Como neutralizador do cloro, a indicação é o tiossulfato de sódio a 0,6 %
(REYBROUCK, 1979). No entanto, Eguchi (1991) chama a atenção de que o
35
tiossulfato de sódio, nesta concentração pode provocar inibição microbiana,
principalmente em organismos do gênero Staphylococcus. Assim que optou-se realizar
a inativação do cloro livre pela técnica de diluição até níveis sub-inibitórios. Esse
procedimento foi realizado quando a alíquota retirada com a alça de platina (10 µL) do
tubo teste era inoculada em tubo de ensaio contendo 3 mL de meio líquido caldo BHI,
isso significou uma diluição de 300 vezes.
Entende-se que esse procedimento foi efetivo, posto que pode ser demonstrado
observando a Tabela 2, como por exemplo, quando mesmo na concentração mais
elevada de cloro livre, em tempo de contato de 5 minutos, houve crescimento da
bactéria.
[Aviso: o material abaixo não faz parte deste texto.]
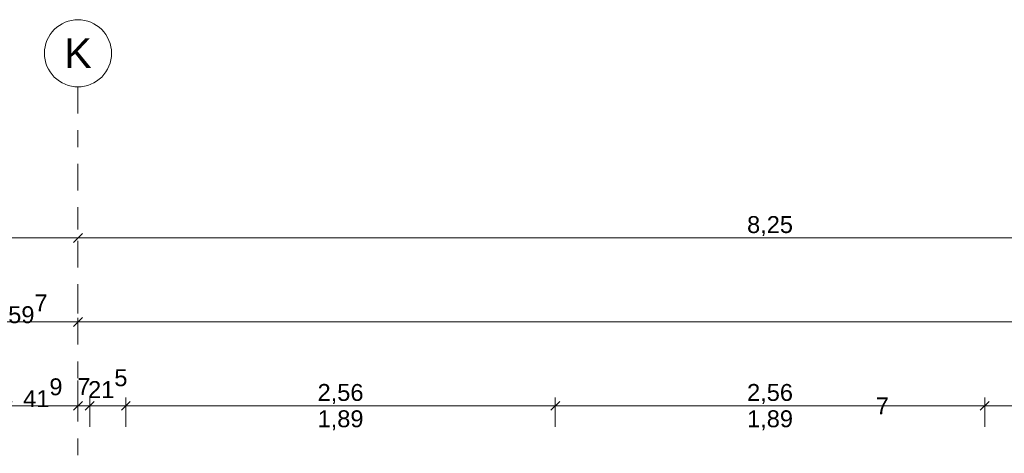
# Model space of a CAD drawing. Header units: metres. Extents: x -180 to 4, y -50 to 6.
# Tile 430 of 656: x -83.27 to -77.4, y 1.62 to 4.2. Entities that reach past the tile are written whole.
import ezdxf

# ---------------------------------------------------------------- set-up
doc = ezdxf.new("R2010")
doc.units = ezdxf.units.M
doc.header["$LTSCALE"] = 0.05
doc.header["$PDMODE"] = 1
doc.header["$PDSIZE"] = -2
doc.linetypes.add('Linienart-53', pattern=[5.291531, 3.175, -1.058062, 0.352704, -0.705764])
doc.layers.get('0').update_dxf_attribs({"lineweight": 25})
doc.layers.add('70 -71 Achsen- 1 Gebäudeachsen', color=7, linetype='Linienart-53', lineweight=18)
doc.layers.add('Keine', color=7, linetype='Continuous', lineweight=9)
doc.layers.add('70 -76 Bemaßung- 2 Allgemein', color=7, linetype='Continuous', lineweight=5, true_color=0x6666cc)
doc.styles.add('Arial', font='arial.ttf')
doc.dimstyles.new('k+k 1_50', dxfattribs={"dimtxt": 0.100689, "dimasz": 0.05302, "dimexe": 0.05, "dimexo": 0.15, "dimgap": 0.01, "dimtad": 1, "dimdec": 3, "dimtxsty": 'Arial', "dimblk": 'VW_SLASH', "dimblk1": 'VW_SLASH', "dimblk2": 'VW_SLASH', "dimcen": 0, "dimdle": 0.05, "dimadec": 3, "dimazin": 0, "dimtfac": 0.75, "dimtdec": 3, "dimtix": 1, "dimtmove": 0, "dimatfit": 0, "dimldrblk": 'VW_SLASH-1', "dimfxl": 0.125, "dimfxlon": 1, "dimfrac": 2, "dimtolj": 1, "dimarcsym": 0})

# ---------------------------------------------------------------- blocks, each defined once
blk = doc.blocks.new('Gruppe-9245')
at = {"layer": '70 -76 Bemaßung- 2 Allgemein', "insert": (-78.796, 1.8733), "char_height": 0.10069, "width": 0.455, "attachment_point": 2, "line_spacing_factor": 0.96878, "style": 'Arial'}
blk.add_mtext('1,89', dxfattribs=at)
blk = doc.blocks.new('Gruppe-9246')
at = {"layer": '70 -76 Bemaßung- 2 Allgemein', "insert": (-81.356, 1.8733), "char_height": 0.10069, "width": 0.455, "attachment_point": 2, "line_spacing_factor": 0.96878, "style": 'Arial'}
blk.add_mtext('1,89', dxfattribs=at)
blk = doc.blocks.new('VW_SLASH')
at = {"color": 0, "linetype": 'ByBlock', "lineweight": -2, "transparency": 16777216}
blk.add_line((0.94, 0), (-1, 0), dxfattribs=at)
at = {"color": 0, "lineweight": 20, "transparency": 16777216, "flags": 128}
blk.add_lwpolyline([(0.5, 0.5), (-0.5, -0.5)], dxfattribs=at)
blk = doc.blocks.new('*D10961')
at = {"layer": '70 -76 Bemaßung- 2 Allgemein', "color": 0, "lineweight": -2}
for p, q in [((-91.171, 3.05), (-91.171, 2.95)), ((-82.921, 3.05), (-82.921, 2.95)), ((-82.974, 2.9), (-91.118, 2.9))]:
    blk.add_line(p, q, dxfattribs=at)
at = {"layer": 'Defpoints', "color": 0}
for p in [(-91.171, 2.9), (-91.171, 2.9), (-82.921, 2.9)]:
    blk.add_point(p, dxfattribs=at)
at = {"layer": '70 -76 Bemaßung- 2 Allgemein', "color": 0, "lineweight": -2, "xscale": 0.05302001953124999, "yscale": 0.05302001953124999, "zscale": 0.05302001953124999, "rotation": 180}
blk.add_blockref('VW_SLASH', (-91.171, 2.9), dxfattribs=at)
at = {"layer": '70 -76 Bemaßung- 2 Allgemein', "color": 0, "lineweight": -2, "xscale": 0.05302001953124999, "yscale": 0.05302001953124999, "zscale": 0.05302001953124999}
blk.add_blockref('VW_SLASH', (-82.921, 2.9), dxfattribs=at)
at = {"layer": '70 -76 Bemaßung- 2 Allgemein', "color": 0, "insert": (-87.046, 2.9704), "char_height": 0.10069, "attachment_point": 5, "style": 'Arial'}
blk.add_mtext('\\A1;8,25', dxfattribs=at)
blk = doc.blocks.new('VW_SLASH-1')
at = {"color": 0, "linetype": 'ByBlock', "lineweight": -2, "transparency": 16777216}
blk.add_line((0.94, 0), (-1, 0), dxfattribs=at)
at = {"color": 0, "lineweight": 5, "transparency": 16777216, "flags": 128}
blk.add_lwpolyline([(0.5, 0.5), (-0.5, -0.5)], dxfattribs=at)
blk = doc.blocks.new('*D10962')
at = {"layer": '70 -76 Bemaßung- 2 Allgemein', "color": 0, "lineweight": -2}
for p, q in [((-82.921, 3.05), (-82.921, 2.95)), ((-74.671, 3.05), (-74.671, 2.95)), ((-74.724, 2.9), (-82.868, 2.9))]:
    blk.add_line(p, q, dxfattribs=at)
at = {"layer": 'Defpoints', "color": 0}
for p in [(-82.921, 2.9), (-82.921, 2.9), (-74.671, 2.9)]:
    blk.add_point(p, dxfattribs=at)
at = {"layer": '70 -76 Bemaßung- 2 Allgemein', "color": 0, "lineweight": -2, "xscale": 0.05302001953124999, "yscale": 0.05302001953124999, "zscale": 0.05302001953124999, "rotation": 180}
blk.add_blockref('VW_SLASH', (-82.921, 2.9), dxfattribs=at)
at = {"layer": '70 -76 Bemaßung- 2 Allgemein', "color": 0, "lineweight": -2, "xscale": 0.05302001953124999, "yscale": 0.05302001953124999, "zscale": 0.05302001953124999}
blk.add_blockref('VW_SLASH', (-74.671, 2.9), dxfattribs=at)
at = {"layer": '70 -76 Bemaßung- 2 Allgemein', "color": 0, "insert": (-78.796, 2.9704), "char_height": 0.10069, "attachment_point": 5, "style": 'Arial'}
blk.add_mtext('\\A1;8,25', dxfattribs=at)
blk = doc.blocks.new('*D11008')
at = {"layer": '70 -76 Bemaßung- 2 Allgemein', "color": 0, "lineweight": -2}
for p, q in [((-82.921, 2.55), (-82.921, 2.45)), ((-83.518, 2.275), (-83.518, 2.45)), ((-82.974, 2.4), (-83.465, 2.4))]:
    blk.add_line(p, q, dxfattribs=at)
at = {"layer": 'Defpoints', "color": 0}
for p in [(-83.518, 2.4), (-82.921, 2.4), (-83.518, -0.497)]:
    blk.add_point(p, dxfattribs=at)
at = {"layer": '70 -76 Bemaßung- 2 Allgemein', "color": 0, "lineweight": -2, "xscale": 0.05302001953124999, "yscale": 0.05302001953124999, "zscale": 0.05302001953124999, "rotation": 180}
blk.add_blockref('VW_SLASH', (-83.518, 2.4), dxfattribs=at)
at = {"layer": '70 -76 Bemaßung- 2 Allgemein', "color": 0, "lineweight": -2, "xscale": 0.05302001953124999, "yscale": 0.05302001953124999, "zscale": 0.05302001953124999}
blk.add_blockref('VW_SLASH', (-82.921, 2.4), dxfattribs=at)
at = {"layer": '70 -76 Bemaßung- 2 Allgemein', "color": 0, "insert": (-83.2195, 2.4773), "char_height": 0.100689, "attachment_point": 5, "style": 'Arial'}
blk.add_mtext('\\A1;59\\S7^ ;', dxfattribs=at)
blk = doc.blocks.new('*D11009')
at = {"layer": '70 -76 Bemaßung- 2 Allgemein', "color": 0, "lineweight": -2}
for p, q in [((-82.921, 2.55), (-82.921, 2.45)), ((-49.921, 2.55), (-49.921, 2.45)), ((-49.974, 2.4), (-82.868, 2.4))]:
    blk.add_line(p, q, dxfattribs=at)
at = {"layer": 'Defpoints', "color": 0}
for p in [(-82.921, 2.4), (-82.921, 2.4), (-49.921, 2.4)]:
    blk.add_point(p, dxfattribs=at)
at = {"layer": '70 -76 Bemaßung- 2 Allgemein', "color": 0, "lineweight": -2, "xscale": 0.05302001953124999, "yscale": 0.05302001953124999, "zscale": 0.05302001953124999, "rotation": 180}
blk.add_blockref('VW_SLASH', (-82.921, 2.4), dxfattribs=at)
at = {"layer": '70 -76 Bemaßung- 2 Allgemein', "color": 0, "lineweight": -2, "xscale": 0.05302001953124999, "yscale": 0.05302001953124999, "zscale": 0.05302001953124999}
blk.add_blockref('VW_SLASH', (-49.921, 2.4), dxfattribs=at)
at = {"layer": '70 -76 Bemaßung- 2 Allgemein', "color": 0, "insert": (-66.421, 2.4704), "char_height": 0.10069, "attachment_point": 5, "style": 'Arial'}
blk.add_mtext('\\A1;33,00', dxfattribs=at)
blk = doc.blocks.new('*D11090')
at = {"layer": '70 -76 Bemaßung- 2 Allgemein', "color": 0, "lineweight": -2}
for p, q in [((-91.171, 2.05), (-91.171, 1.95)), ((-91.101, 1.775), (-91.101, 1.95)), ((-91.224, 1.9), (-91.277, 1.9)), ((-91.101, 1.9), (-91.171, 1.9)), ((-91.048, 1.9), (-90.995, 1.9))]:
    blk.add_line(p, q, dxfattribs=at)
at = {"layer": 'Defpoints', "color": 0}
for p in [(-91.171, 1.9), (-91.171, 1.9), (-91.101, -11.1)]:
    blk.add_point(p, dxfattribs=at)
at = {"layer": '70 -76 Bemaßung- 2 Allgemein', "color": 0, "lineweight": -2, "xscale": 0.05302001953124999, "yscale": 0.05302001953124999, "zscale": 0.05302001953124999}
blk.add_blockref('VW_SLASH', (-91.171, 1.9), dxfattribs=at)
at = {"layer": '70 -76 Bemaßung- 2 Allgemein', "color": 0, "lineweight": -2, "xscale": 0.05302001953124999, "yscale": 0.05302001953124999, "zscale": 0.05302001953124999, "rotation": 180.0000000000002}
blk.add_blockref('VW_SLASH', (-91.101, 1.9), dxfattribs=at)
at = {"layer": '70 -76 Bemaßung- 2 Allgemein', "color": 0, "insert": (-78.1265, 1.9), "char_height": 0.10069, "attachment_point": 5, "style": 'Arial'}
blk.add_mtext('\\A1;7', dxfattribs=at)
blk = doc.blocks.new('*D11095')
at = {"layer": '70 -76 Bemaßung- 2 Allgemein', "color": 0, "lineweight": -2}
for p, q in [((-83.518, 1.775), (-83.518, 1.95)), ((-83.34, 1.775), (-83.34, 1.95)), ((-83.571, 1.9), (-83.624, 1.9)), ((-83.34, 1.9), (-83.518, 1.9)), ((-83.287, 1.9), (-83.234, 1.9))]:
    blk.add_line(p, q, dxfattribs=at)
at = {"layer": 'Defpoints', "color": 0}
for p in [(-83.518, 1.9), (-83.34, -0.028), (-83.518, -0.497)]:
    blk.add_point(p, dxfattribs=at)
at = {"layer": '70 -76 Bemaßung- 2 Allgemein', "color": 0, "lineweight": -2, "xscale": 0.05302001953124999, "yscale": 0.05302001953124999, "zscale": 0.05302001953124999}
blk.add_blockref('VW_SLASH', (-83.518, 1.9), dxfattribs=at)
at = {"layer": '70 -76 Bemaßung- 2 Allgemein', "color": 0, "lineweight": -2, "xscale": 0.05302001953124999, "yscale": 0.05302001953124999, "zscale": 0.05302001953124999, "rotation": 180}
blk.add_blockref('VW_SLASH', (-83.34, 1.9), dxfattribs=at)
at = {"layer": '70 -76 Bemaßung- 2 Allgemein', "color": 0, "insert": (-83.429, 2.0331), "char_height": 0.100689, "attachment_point": 5, "style": 'Arial'}
blk.add_mtext('\\A1;17\\S8^ ;', dxfattribs=at)
blk = doc.blocks.new('*D11096')
at = {"layer": '70 -76 Bemaßung- 2 Allgemein', "color": 0, "lineweight": -2}
for p, q in [((-82.921, 2.05), (-82.921, 1.95)), ((-83.34, 1.775), (-83.34, 1.95)), ((-82.974, 1.9), (-83.287, 1.9))]:
    blk.add_line(p, q, dxfattribs=at)
at = {"layer": 'Defpoints', "color": 0}
for p in [(-83.34, 1.9), (-82.921, 1.9), (-83.34, -0.028)]:
    blk.add_point(p, dxfattribs=at)
at = {"layer": '70 -76 Bemaßung- 2 Allgemein', "color": 0, "lineweight": -2, "xscale": 0.05302001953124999, "yscale": 0.05302001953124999, "zscale": 0.05302001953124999, "rotation": 180}
blk.add_blockref('VW_SLASH', (-83.34, 1.9), dxfattribs=at)
at = {"layer": '70 -76 Bemaßung- 2 Allgemein', "color": 0, "lineweight": -2, "xscale": 0.05302001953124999, "yscale": 0.05302001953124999, "zscale": 0.05302001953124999}
blk.add_blockref('VW_SLASH', (-82.921, 1.9), dxfattribs=at)
at = {"layer": '70 -76 Bemaßung- 2 Allgemein', "color": 0, "insert": (-83.1305, 1.9781), "char_height": 0.100689, "attachment_point": 5, "style": 'Arial'}
blk.add_mtext('\\A1;41\\S9^ ;', dxfattribs=at)
blk = doc.blocks.new('*D11097')
at = {"layer": '70 -76 Bemaßung- 2 Allgemein', "color": 0, "lineweight": -2}
for p, q in [((-82.921, 2.05), (-82.921, 1.95)), ((-82.851, 1.775), (-82.851, 1.95)), ((-82.974, 1.9), (-83.027, 1.9)), ((-82.851, 1.9), (-82.921, 1.9)), ((-82.798, 1.9), (-82.745, 1.9))]:
    blk.add_line(p, q, dxfattribs=at)
at = {"layer": 'Defpoints', "color": 0}
for p in [(-82.921, 1.9), (-82.921, 1.9), (-82.851, 0.15)]:
    blk.add_point(p, dxfattribs=at)
at = {"layer": '70 -76 Bemaßung- 2 Allgemein', "color": 0, "lineweight": -2, "xscale": 0.05302001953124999, "yscale": 0.05302001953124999, "zscale": 0.05302001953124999}
blk.add_blockref('VW_SLASH', (-82.921, 1.9), dxfattribs=at)
at = {"layer": '70 -76 Bemaßung- 2 Allgemein', "color": 0, "lineweight": -2, "xscale": 0.05302001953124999, "yscale": 0.05302001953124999, "zscale": 0.05302001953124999, "rotation": 180}
blk.add_blockref('VW_SLASH', (-82.851, 1.9), dxfattribs=at)
at = {"layer": '70 -76 Bemaßung- 2 Allgemein', "color": 0, "insert": (-82.886, 2.0153), "char_height": 0.10069, "attachment_point": 5, "style": 'Arial'}
blk.add_mtext('\\A1;7', dxfattribs=at)
blk = doc.blocks.new('*D11098')
at = {"layer": '70 -76 Bemaßung- 2 Allgemein', "color": 0, "lineweight": -2}
for p, q in [((-82.851, 1.775), (-82.851, 1.95)), ((-82.636, 1.775), (-82.636, 1.95)), ((-82.904, 1.9), (-82.957, 1.9)), ((-82.636, 1.9), (-82.851, 1.9)), ((-82.583, 1.9), (-82.53, 1.9))]:
    blk.add_line(p, q, dxfattribs=at)
at = {"layer": 'Defpoints', "color": 0}
for p in [(-82.851, 1.9), (-82.851, 0.15), (-82.636, -0.347)]:
    blk.add_point(p, dxfattribs=at)
at = {"layer": '70 -76 Bemaßung- 2 Allgemein', "color": 0, "lineweight": -2, "xscale": 0.05302001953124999, "yscale": 0.05302001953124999, "zscale": 0.05302001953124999}
for p, rotation in [((-82.851, 1.9), 359.9999999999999), ((-82.636, 1.9), 179.9999999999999)]:
    blk.add_blockref('VW_SLASH', p, dxfattribs=dict(at, rotation=rotation))
at = {"layer": '70 -76 Bemaßung- 2 Allgemein', "color": 0, "insert": (-82.7435, 2.0322), "char_height": 0.100689, "attachment_point": 5, "style": 'Arial'}
blk.add_mtext('\\A1;21\\S5^ ;', dxfattribs=at)
blk = doc.blocks.new('*D11099')
at = {"layer": '70 -76 Bemaßung- 2 Allgemein', "color": 0, "lineweight": -2}
for p, q in [((-82.636, 1.775), (-82.636, 1.95)), ((-80.076, 1.775), (-80.076, 1.95)), ((-80.129, 1.9), (-82.583, 1.9))]:
    blk.add_line(p, q, dxfattribs=at)
at = {"layer": 'Defpoints', "color": 0}
for p in [(-82.636, 1.9), (-82.636, -0.347), (-80.076, -0.347)]:
    blk.add_point(p, dxfattribs=at)
at = {"layer": '70 -76 Bemaßung- 2 Allgemein', "color": 0, "lineweight": -2, "xscale": 0.05302001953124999, "yscale": 0.05302001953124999, "zscale": 0.05302001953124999, "rotation": 180}
blk.add_blockref('VW_SLASH', (-82.636, 1.9), dxfattribs=at)
at = {"layer": '70 -76 Bemaßung- 2 Allgemein', "color": 0, "lineweight": -2, "xscale": 0.05302001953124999, "yscale": 0.05302001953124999, "zscale": 0.05302001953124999}
blk.add_blockref('VW_SLASH', (-80.076, 1.9), dxfattribs=at)
at = {"layer": '70 -76 Bemaßung- 2 Allgemein', "color": 0, "insert": (-81.356, 1.9704), "char_height": 0.10069, "attachment_point": 5, "style": 'Arial'}
blk.add_mtext('\\A1;2,56', dxfattribs=at)
blk = doc.blocks.new('*D11100')
at = {"layer": '70 -76 Bemaßung- 2 Allgemein', "color": 0, "lineweight": -2}
for p, q in [((-80.076, 1.775), (-80.076, 1.95)), ((-77.516, 1.775), (-77.516, 1.95)), ((-77.569, 1.9), (-80.023, 1.9))]:
    blk.add_line(p, q, dxfattribs=at)
at = {"layer": 'Defpoints', "color": 0}
for p in [(-80.076, 1.9), (-80.076, -0.347), (-77.516, -0.347)]:
    blk.add_point(p, dxfattribs=at)
at = {"layer": '70 -76 Bemaßung- 2 Allgemein', "color": 0, "lineweight": -2, "xscale": 0.05302001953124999, "yscale": 0.05302001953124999, "zscale": 0.05302001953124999, "rotation": 180}
blk.add_blockref('VW_SLASH', (-80.076, 1.9), dxfattribs=at)
at = {"layer": '70 -76 Bemaßung- 2 Allgemein', "color": 0, "lineweight": -2, "xscale": 0.05302001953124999, "yscale": 0.05302001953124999, "zscale": 0.05302001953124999}
blk.add_blockref('VW_SLASH', (-77.516, 1.9), dxfattribs=at)
at = {"layer": '70 -76 Bemaßung- 2 Allgemein', "color": 0, "insert": (-78.796, 1.9704), "char_height": 0.10069, "attachment_point": 5, "style": 'Arial'}
blk.add_mtext('\\A1;2,56', dxfattribs=at)
blk = doc.blocks.new('*D11101')
at = {"layer": '70 -76 Bemaßung- 2 Allgemein', "color": 0, "lineweight": -2}
for p, q in [((-77.516, 1.775), (-77.516, 1.95)), ((-74.956, 1.775), (-74.956, 1.95)), ((-75.009, 1.9), (-77.463, 1.9))]:
    blk.add_line(p, q, dxfattribs=at)
at = {"layer": 'Defpoints', "color": 0}
for p in [(-77.516, 1.9), (-77.516, -0.347), (-74.956, -0.347)]:
    blk.add_point(p, dxfattribs=at)
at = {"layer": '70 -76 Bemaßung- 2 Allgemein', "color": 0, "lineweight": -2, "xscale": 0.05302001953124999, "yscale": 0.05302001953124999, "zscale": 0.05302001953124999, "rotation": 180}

Esse procedimento já havia sido adotado por Avancini (2002), quando, na
falta de conhecimento de substâncias que pudessem inativar os princípios químicos
ativos do extrato bruto de Hypericum caprifoliatum, optou pela prática de “banhar” as
bactérias e diluir o extrato em meio líquido.
Também sobre a técnica descrita por Fernandes et al. (1999), informa que
alguns produtos químicos têm a capacidade de produzir lesões sub-letais em alguns
microrganismos, exercendo assim, ação bacteriostática e não bactericida. O
prolongamento do período de incubação e o uso de meios apropriados (livre de
inibidores) permitem a recuperação das células com lesão fisiológica reversível. Devido
a isso, a observação dos tubos de repique foi observado por período de 96 horas.
Na Tabela 2 podem ser observados os resultados referentes à confrontação das
amostras com hipoclorito de sódio em diferentes concentrações e presença de matéria
orgânica, levando em consideração os tempos de contato.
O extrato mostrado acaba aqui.